(Exercise goal) Determine how many lines below contain the word "inches", then write that number by itself.

(Provided entries)

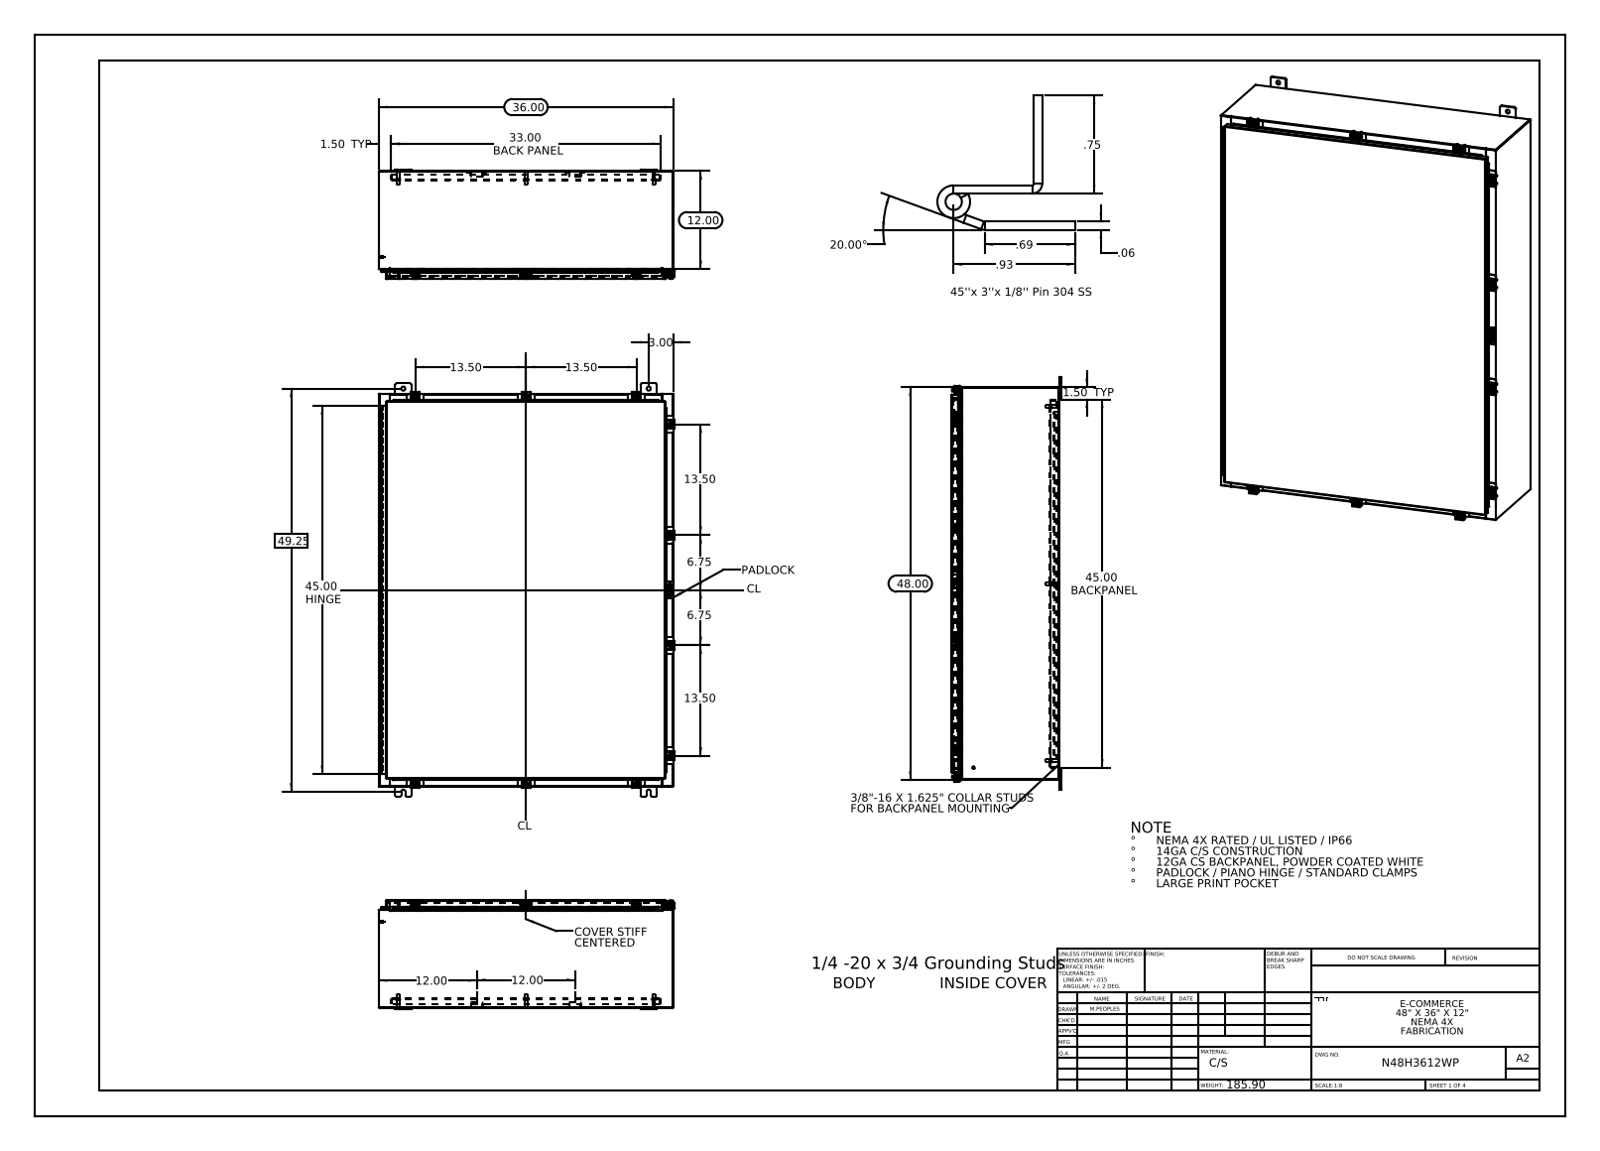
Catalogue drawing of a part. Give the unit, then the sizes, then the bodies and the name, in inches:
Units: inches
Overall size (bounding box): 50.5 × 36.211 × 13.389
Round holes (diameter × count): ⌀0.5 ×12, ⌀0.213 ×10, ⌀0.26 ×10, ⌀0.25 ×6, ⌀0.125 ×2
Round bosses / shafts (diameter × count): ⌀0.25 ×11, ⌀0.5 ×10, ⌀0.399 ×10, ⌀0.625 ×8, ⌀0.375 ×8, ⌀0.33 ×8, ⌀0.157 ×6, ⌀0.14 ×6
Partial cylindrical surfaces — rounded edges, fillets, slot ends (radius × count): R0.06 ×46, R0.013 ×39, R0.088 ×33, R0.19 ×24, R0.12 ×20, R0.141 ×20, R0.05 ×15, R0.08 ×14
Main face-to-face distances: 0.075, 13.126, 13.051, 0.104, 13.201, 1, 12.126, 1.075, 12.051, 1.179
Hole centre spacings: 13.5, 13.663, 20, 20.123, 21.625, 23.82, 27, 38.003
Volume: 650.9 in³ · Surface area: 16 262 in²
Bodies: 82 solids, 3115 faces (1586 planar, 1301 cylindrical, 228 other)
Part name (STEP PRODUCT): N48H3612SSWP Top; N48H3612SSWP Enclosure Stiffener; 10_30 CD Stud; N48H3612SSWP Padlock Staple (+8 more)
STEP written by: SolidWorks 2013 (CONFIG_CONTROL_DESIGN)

(Response area) 2